One possible implementation manner is to reversely derive the generation manner of the random number seed through a data analysis manner, but the true random number is used in the present application, and the generation of the true random number has no regularity, which means that the random number seed used in the present application cannot be obtained through a data accumulation and induction summary manner, and the manner also has no use value.

As a specific embodiment of the data transmission method provided in the application, the length value of the random number seed is a fixed value, and the fixed value means that for plaintext with different lengths, a random number seed with a fixed length is used in the application.

Therefore, the possibility of snooping the random number seed generation mode by analyzing the lengths of different plaintexts can be fundamentally avoided, and the safety of the technical scheme provided by the application can be further improved.

As for the encryption method of plaintext information, there are the following two methods:

first, each character of the plaintext information is encrypted using data at a corresponding position in a sequence of random numbers.

Referring to fig. 4, in the second type, part of characters in plaintext information are encrypted using a random number segment in a random number sequence, and the specific process is as follows:

s201, dividing plaintext information into encrypted segments and unencrypted segments, wherein the encrypted segments and the unencrypted segments are alternately arranged; and

s202, encrypting the encrypted segment by using the random number sequence corresponding to the encrypted segment to obtain encrypted data.

In step S201 and step S202, it can be considered that only a part of the plaintext information is encrypted, instead of encrypting the whole of the plaintext information, which has an advantage of less data processing amount in the encryption process, but also has high confidentiality.

Because the encrypted part and the non-encrypted part are mixed together from the viewpoint of cracking, cracking can be carried out only after the positions and the lengths of all the encrypted parts are obtained, and compared with a full encryption mode, the mixed encryption mode is more difficult to crack.

It is to be understood that even if the plaintext information is sent through the public network, the plaintext information needs to be encrypted and then sent, and on the premise that a mixed mechanism of an encrypted part and a non-encrypted part is not known, a large amount of messy codes are mixed in the plaintext information obtained through forced cracking, so that the plaintext information does not have any value.

The way of mixing the encrypted part and the unencrypted part has the following various ways:

first, the length of the encrypted part and the unencrypted part is fixed;

secondly, the length of the encrypted part and the unencrypted part is not fixed and has certain regularity;

thirdly, the length of the encrypted part and the unencrypted part is not fixed and has no regularity;

referring to fig. 5, for the third mode, the length and number of the encrypted segments and the length and number of the unencrypted segments are both generated according to the random number seeds, and the specific process is as follows:

s301, combining parameter information of the Beidou terminal to generate random number seeds, wherein the parameter information at least comprises parameter information with physical change;

s302, inputting the random number seeds into a strong random number generator to obtain a random number sequence with the same length as the plaintext information; and

s303, selecting random numbers from the random number sequence as the length and the number of the encrypted segments and the length and the number of the unencrypted segments.

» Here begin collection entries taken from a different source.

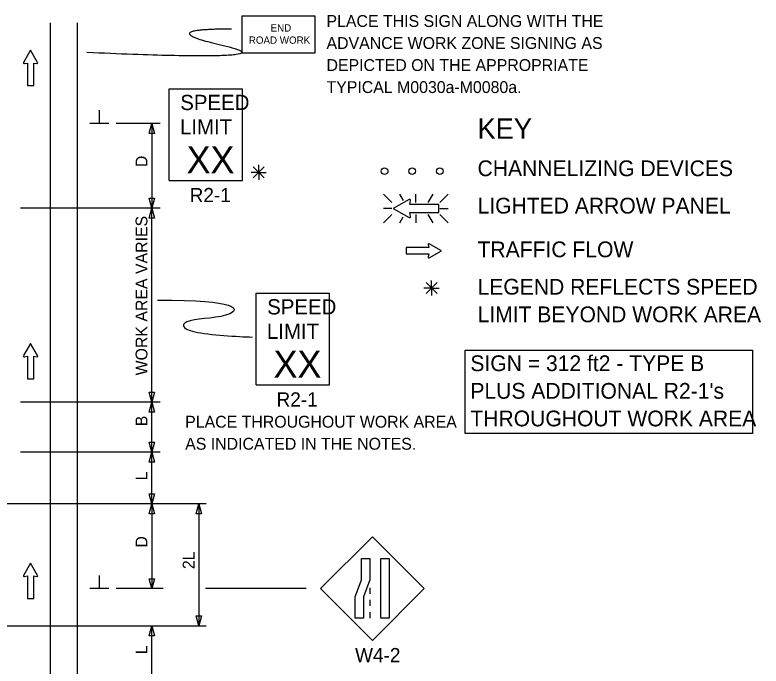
# Model space of a CAD drawing. Extents: x 16732 to 18478, y 5523 to 6928.
# Drawn here: x 16983.9 to 17424, y 6539.6 to 6923.9 of the extents above; entities that cross this region are included whole.
import ezdxf

# ---------------------------------------------------------------- set-up
doc = ezdxf.new("R2010")
doc.units = 0
for name, color, linetype in [('MT_SCRATCH_LEVEL_E', 7, 'Continuous'), ('PAVT_EDGE_EX', 7, 'Continuous'), ('TRAFFIC_SIGNS_PR', 7, 'Continuous'), ('TYPICAL_TEXT_DIMEN_EX', 7, 'Continuous'), ('TYPICAL_TEXT_DIMEN_PR', 7, 'Continuous')]:
    doc.layers.add(name, color=color, linetype=linetype)

msp = doc.modelspace()

# ---------------------------------------------------------------- linework, layer by layer
at = {"layer": 'MT_SCRATCH_LEVEL_E'}
for p, q in [((16993.16, 6903.1), (16989.05, 6895.86)), ((16997.31, 6895.86), (16993.16, 6903.1)), ((16989.53, 6895.17), (16991.31, 6895.49)), ((16991.31, 6895.49), (16991.31, 6882.23)), ((16995.05, 6882.23), (16995.05, 6895.49)), ((16995.05, 6895.49), (16996.83, 6895.17)), ((16991.31, 6882.23), (16995.05, 6882.23)), ((17227.93, 6786.61), (17214.67, 6786.61)), ((17214.67, 6786.61), (17214.67, 6782.86)), ((17227.62, 6788.38), (17227.93, 6786.61)), ((17235.54, 6784.76), (17228.3, 6788.87)), ((17214.67, 6782.86), (17227.93, 6782.86)), ((17227.93, 6782.86), (17227.62, 6781.09)), ((17228.3, 6780.61), (17235.54, 6784.76)), ((16993.16, 6730.05), (16989.05, 6722.81)), ((16997.31, 6722.81), (16993.16, 6730.05)), ((16989.53, 6722.12), (16991.31, 6722.44)), ((16991.31, 6722.44), (16991.31, 6709.18)), ((16995.05, 6709.18), (16995.05, 6722.44)), ((16995.05, 6722.44), (16996.83, 6722.12)), ((16991.31, 6709.18), (16995.05, 6709.18)), ((16993.16, 6600.4), (16989.05, 6593.16)), ((16997.31, 6593.16), (16993.16, 6600.4)), ((16989.53, 6592.48), (16991.31, 6592.79)), ((16991.31, 6592.79), (16991.31, 6579.54)), ((16995.05, 6579.54), (16995.05, 6592.79)), ((16995.05, 6592.79), (16996.83, 6592.48)), ((16991.31, 6579.54), (16995.05, 6579.54))]:
    msp.add_line(p, q, dxfattribs=at)
for centre, start, end in [((16989.46, 6895.63), 150.4248, 279.9638), ((16996.9, 6895.63), 260.0362, 29.7731), ((17228.07, 6788.46), 60.4248, 189.9638), ((17228.07, 6781.02), 170.0362, 299.7731), ((16989.46, 6722.58), 150.4248, 279.9638), ((16996.9, 6722.58), 260.0362, 29.7731), ((16989.46, 6592.94), 150.4248, 279.9638), ((16996.9, 6592.94), 260.0362, 29.7731)]:
    msp.add_arc(centre, 0.463, start, end, dxfattribs=at)
at = {"layer": 'PAVT_EDGE_EX'}
for p, q in [((17004.63, 6919.19), (17004.63, 6002.83)), ((17020.63, 6919.19), (17020.63, 6002.83))]:
    msp.add_line(p, q, dxfattribs=at)
at = {"layer": 'TRAFFIC_SIGNS_PR'}
for p, q in [((17074.95, 6880.28), (17118.15, 6880.28)), ((17074.95, 6826.28), (17074.95, 6880.28)), ((17118.15, 6826.28), (17118.15, 6880.28)), ((17074.95, 6826.28), (17118.15, 6826.28)), ((17201.35, 6818.14), (17206.28, 6813.21)), ((17213.11, 6814.32), (17210.91, 6818.14)), ((17220.43, 6813.21), (17220.43, 6818.14)), ((17227.67, 6813.21), (17230.52, 6818.14)), ((17234.58, 6813.21), (17239.52, 6818.14)), ((17206.28, 6809.65), (17201.35, 6809.65)), ((17234.58, 6809.65), (17239.52, 6809.65)), ((17201.35, 6801.16), (17206.28, 6806.09)), ((17210.86, 6801.16), (17212.97, 6804.82)), ((17220.43, 6806.09), (17220.43, 6801.16)), ((17230.56, 6801.16), (17227.71, 6806.09)), ((17234.58, 6806.09), (17239.52, 6801.16)), ((17126.21, 6759.66), (17169.41, 6759.66)), ((17126.21, 6705.66), (17126.21, 6759.66)), ((17169.41, 6705.66), (17169.41, 6759.66)), ((17126.21, 6705.66), (17169.41, 6705.66)), ((17194.71, 6615.88), (17164.16, 6585.33)), ((17225.26, 6585.33), (17194.71, 6615.88)), ((17164.16, 6585.33), (17194.71, 6554.79)), ((17193.31, 6585.89), (17193.31, 6582.29)), ((17194.71, 6554.79), (17225.26, 6585.33)), ((17193.31, 6578.69), (17193.31, 6575.09)), ((17193.31, 6571.49), (17193.31, 6567.89))]:
    msp.add_line(p, q, dxfattribs=at)
for points in [[(17117.81, 6901.54), (17161.01, 6901.54), (17161.01, 6923.14), (17117.81, 6923.14)], [(17193.31, 6603.04), (17193.31, 6590.46), (17189.54, 6580.46), (17189.54, 6567.89), (17184.49, 6567.89), (17184.49, 6580.46), (17188.25, 6590.46), (17188.25, 6603.04)], [(17204.71, 6603.04), (17204.71, 6567.89), (17199.66, 6567.89), (17199.66, 6603.04)]]:
    msp.add_lwpolyline(points, close=True, dxfattribs=at)
for points in [[(17216.36, 6814.93), (17207.07, 6809.65), (17216.36, 6804.33)], [(17217.24, 6804.96), (17216.83, 6807.22), (17233.85, 6807.22), (17233.85, 6812.03), (17216.83, 6812.03), (17217.24, 6814.31)]]:
    msp.add_lwpolyline(points, dxfattribs=at)
for centre in [(17201.91, 6831.68), (17218.21, 6831.68), (17234.51, 6831.68)]:
    msp.add_circle(centre, 2, dxfattribs=at)
for centre, radius, start, end in [((17216.65, 6814.4), 0.598, 350.7308, 118.8916), ((17216.65, 6804.85), 0.597, 241.4833, 9.9593)]:
    msp.add_arc(centre, radius, start, end, dxfattribs=at)
msp.add_open_spline([(17111.64, 6915.52), (17064.41, 6915.52), (17149.43, 6896.18), (17026.33, 6901.67)], degree=2, dxfattribs=at)
at = {"layer": 'TYPICAL_TEXT_DIMEN_EX'}
msp.add_lwpolyline([(17249.52, 6726.09), (17418.98, 6726.09), (17418.98, 6676.9), (17249.52, 6676.9)], close=True, dxfattribs=at)
at = {"layer": 'TYPICAL_TEXT_DIMEN_PR'}
for p, q in [((17033.76, 6859.85), (17033.76, 6867.64)), ((17039.38, 6859.85), (17028.13, 6859.85)), ((17069.63, 6859.85), (17043.63, 6859.85)), ((17063.06, 6853.99), (17064.63, 6859.85)), ((17064.63, 6859.85), (17064.63, 6809.85)), ((17064.63, 6859.85), (17066.2, 6853.99)), ((17064.63, 6853.99), (17063.06, 6853.99)), ((17066.2, 6853.99), (17064.63, 6853.99)), ((17130.88, 6834.18), (17124.5, 6827.8)), ((17124.51, 6834.18), (17130.88, 6827.8)), ((17127.69, 6830.99), (17127.69, 6835.44)), ((17127.69, 6830.99), (17123.16, 6830.99)), ((17127.69, 6830.99), (17130.88, 6830.99)), ((17127.69, 6830.99), (17132.17, 6830.99)), ((17127.69, 6830.99), (17127.69, 6826.49)), ((17064.63, 6809.85), (17063.06, 6815.71)), ((17063.06, 6815.71), (17064.63, 6815.71)), ((17064.63, 6815.71), (17066.2, 6815.71)), ((17066.2, 6815.71), (17064.63, 6809.85)), ((17069.63, 6809.85), (16987.24, 6809.85)), ((17063.06, 6803.99), (17064.63, 6809.85)), ((17064.63, 6695.32), (17064.63, 6809.85)), ((17064.63, 6809.85), (17066.2, 6803.99)), ((17064.63, 6803.99), (17063.06, 6803.99)), ((17066.2, 6803.99), (17064.63, 6803.99)), ((17226.5, 6765.93), (17232.88, 6759.55)), ((17232.88, 6765.93), (17226.5, 6759.55)), ((17229.69, 6762.74), (17229.69, 6767.19)), ((17229.69, 6762.74), (17225.16, 6762.74)), ((17229.69, 6762.74), (17232.88, 6762.74)), ((17229.69, 6762.74), (17234.17, 6762.74)), ((17229.69, 6762.74), (17229.69, 6758.24)), ((17064.63, 6695.32), (17063.06, 6701.18)), ((17063.06, 6701.18), (17064.63, 6701.18)), ((17064.63, 6701.18), (17066.2, 6701.18)), ((17066.2, 6701.18), (17064.63, 6695.32)), ((17069.63, 6695.32), (16987.24, 6695.32)), ((17063.06, 6689.45), (17064.63, 6695.32)), ((17064.63, 6665.89), (17064.63, 6695.32)), ((17064.63, 6695.32), (17066.2, 6689.45)), ((17064.63, 6689.45), (17063.06, 6689.45)), ((17066.2, 6689.45), (17064.63, 6689.45)), ((17064.63, 6665.89), (17063.06, 6671.75)), ((17063.06, 6671.75), (17064.63, 6671.75)), ((17064.63, 6671.75), (17066.2, 6671.75)), ((17066.2, 6671.75), (17064.63, 6665.89)), ((17069.63, 6665.89), (16987.24, 6665.89)), ((17063.06, 6660.03), (17064.63, 6665.89)), ((17064.63, 6635.32), (17064.63, 6665.89)), ((17064.63, 6665.89), (17066.2, 6660.03)), ((17064.63, 6660.03), (17063.06, 6660.03)), ((17066.2, 6660.03), (17064.63, 6660.03)), ((17064.63, 6635.32), (17063.06, 6641.19)), ((17063.06, 6641.19), (17064.63, 6641.19)), ((17064.63, 6641.19), (17066.2, 6641.19)), ((17066.2, 6641.19), (17064.63, 6635.32)), ((17096.68, 6635.32), (16965.53, 6635.32)), ((17063.06, 6629.46), (17064.63, 6635.32)), ((17064.63, 6635.32), (17064.63, 6585.32)), ((17064.63, 6635.32), (17066.2, 6629.46)), ((17090.87, 6629.46), (17092.44, 6635.32)), ((17092.44, 6635.32), (17094.01, 6629.46)), ((17092.44, 6635.32), (17092.44, 6563.32)), ((17064.63, 6629.46), (17063.06, 6629.46)), ((17066.2, 6629.46), (17064.63, 6629.46)), ((17092.44, 6629.46), (17090.87, 6629.46)), ((17094.01, 6629.46), (17092.44, 6629.46)), ((17033.76, 6585.32), (17033.76, 6593.11)), ((17064.63, 6585.32), (17063.06, 6591.19)), ((17063.06, 6591.19), (17064.63, 6591.19)), ((17064.63, 6591.19), (17066.2, 6591.19)), ((17066.2, 6591.19), (17064.63, 6585.32)), ((17092.44, 6590.19), (17092.44, 6586.43)), ((17039.38, 6585.32), (17028.13, 6585.32)), ((17071.43, 6585.32), (17043.63, 6585.32)), ((17155.65, 6585.32), (17096.37, 6585.32)), ((17092.44, 6563.32), (17090.87, 6569.19)), ((17090.87, 6569.19), (17092.44, 6569.19)), ((17092.44, 6569.19), (17094.01, 6569.19)), ((17094.01, 6569.19), (17092.44, 6563.32)), ((16965.53, 6563.32), (17096.68, 6563.32)), ((17063.06, 6557.46), (17064.63, 6563.32)), ((17064.63, 6532.76), (17064.63, 6563.32)), ((17064.63, 6563.32), (17066.2, 6557.46)), ((17064.63, 6557.46), (17063.06, 6557.46)), ((17066.2, 6557.46), (17064.63, 6557.46))]:
    msp.add_line(p, q, dxfattribs=at)
for points, degree in [([(17288.16, 6804.54), (17288.17, 6804.54), (17288.18, 6804.54), (17288.18, 6804.54)], 2), ([(17067.94, 6755.64), (17116.41, 6755.64), (17116.41, 6744.88), (17081.49, 6744.88), (17081.49, 6735.83), (17115.7, 6734.07), (17123.99, 6733.78)], 3)]:
    msp.add_open_spline(points, degree=degree, dxfattribs=at)

# ---------------------------------------------------------------- texts
at = {"layer": 'TRAFFIC_SIGNS_PR'}
for s, height, p in [('PLACE THIS SIGN ALONG WITH THE', 7, (17167.68, 6916.8)), ('END', 4.31, (17134.69, 6914.06)), ('ROAD WORK', 4.31, (17121.87, 6906.87)), ('ADVANCE WORK ZONE SIGNING AS', 7, (17167.68, 6903.8)), ('DEPICTED ON THE APPROPRIATE', 7, (17167.68, 6890.8)), ('TYPICAL M0030a-M0080a.', 7, (17167.68, 6877.8)), ('SPEED', 9, (17081.44, 6867.74)), ('LIMIT', 9, (17081.26, 6853.34)), ('XX', 15.785, (17085.2, 6830.5)), ('R2-1', 8.37, (17086.96, 6813.4)), ('SPEED', 9, (17132.7, 6747.13)), ('LIMIT', 9, (17132.52, 6732.73)), ('XX', 15.785, (17136.46, 6709.88)), ('R2-1', 8.37, (17138.22, 6692.79)), ('PLACE THROUGHOUT WORK AREA', 7, (17084.34, 6680.31)), ('AS INDICATED IN THE NOTES.', 7, (17084.34, 6667.31)), ('W4-2', 8.37, (17184.54, 6541.92))]:
    msp.add_text(s, height=height, dxfattribs=at).set_placement(p)
at = {"layer": 'TYPICAL_TEXT_DIMEN_EX'}
for s, height, p in [('KEY', 12, (17256.75, 6850.79)), ('CHANNELIZING DEVICES', 9.3, (17256.75, 6828.74)), ('LIGHTED ARROW PANEL', 9.3, (17256.75, 6806.69)), ('TRAFFIC FLOW', 9.3, (17256.75, 6780.89)), ('LEGEND REFLECTS SPEED', 9.3, (17256.75, 6758.84)), ('LIMIT BEYOND WORK AREA', 9.3, (17256.75, 6742.54)), ('SIGN = 312 ft2 - TYPE B', 9.3, (17252.53, 6713.69)), ("PLUS ADDITIONAL R2-1's", 9.3, (17252.53, 6697.39)), ('THROUGHOUT WORK AREA', 9.3, (17252.53, 6681.09))]:
    msp.add_text(s, height=height, dxfattribs=at).set_placement(p)
at = {"layer": 'TYPICAL_TEXT_DIMEN_PR'}
for s, p in [('D', (17062.08, 6834.07)), ('WORK AREA VARIES', (17062.08, 6711.17)), ('B', (17062.08, 6681.15)), ('L', (17062.08, 6649.18)), ('D', (17062.08, 6609.54)), ('2L', (17089.88, 6596.83)), ('L', (17062.08, 6546.62))]:
    msp.add_text(s, height=7, rotation=90, dxfattribs=at).set_placement(p)

doc.saveas('drawing.dxf')

The generation method of the random number sequence is the same as that described above, and is not described herein again. In step S303, a random number is selected from the random number sequence as the length and number of encrypted segments and the length and number of unencrypted segments.

For example, the random number is selected according to a certain rule, for example, the third bit is selected for the first time as the length of the first section of encrypted segment, the fifth bit is selected for the second time as the length of the first section of unencrypted segment, the ninth bit is selected for the first time as the length of the second section of unencrypted segment, and so on.

Because the random number seed uses the true random number, the random number sequence can be regarded as the true random number sequence, and the generation of the true random number sequence has no rule and high safety.

By performing the processing in steps S301 to S303, an encrypted piece of data containing the encrypted piece and the unencrypted piece arranged in sequence but having random lengths of the encrypted piece and the unencrypted piece can be obtained, and it can be understood that each encryption mode of the encrypted piece of data is different because the encryption mode is doped with unpredictable length encryption, and thus has higher security.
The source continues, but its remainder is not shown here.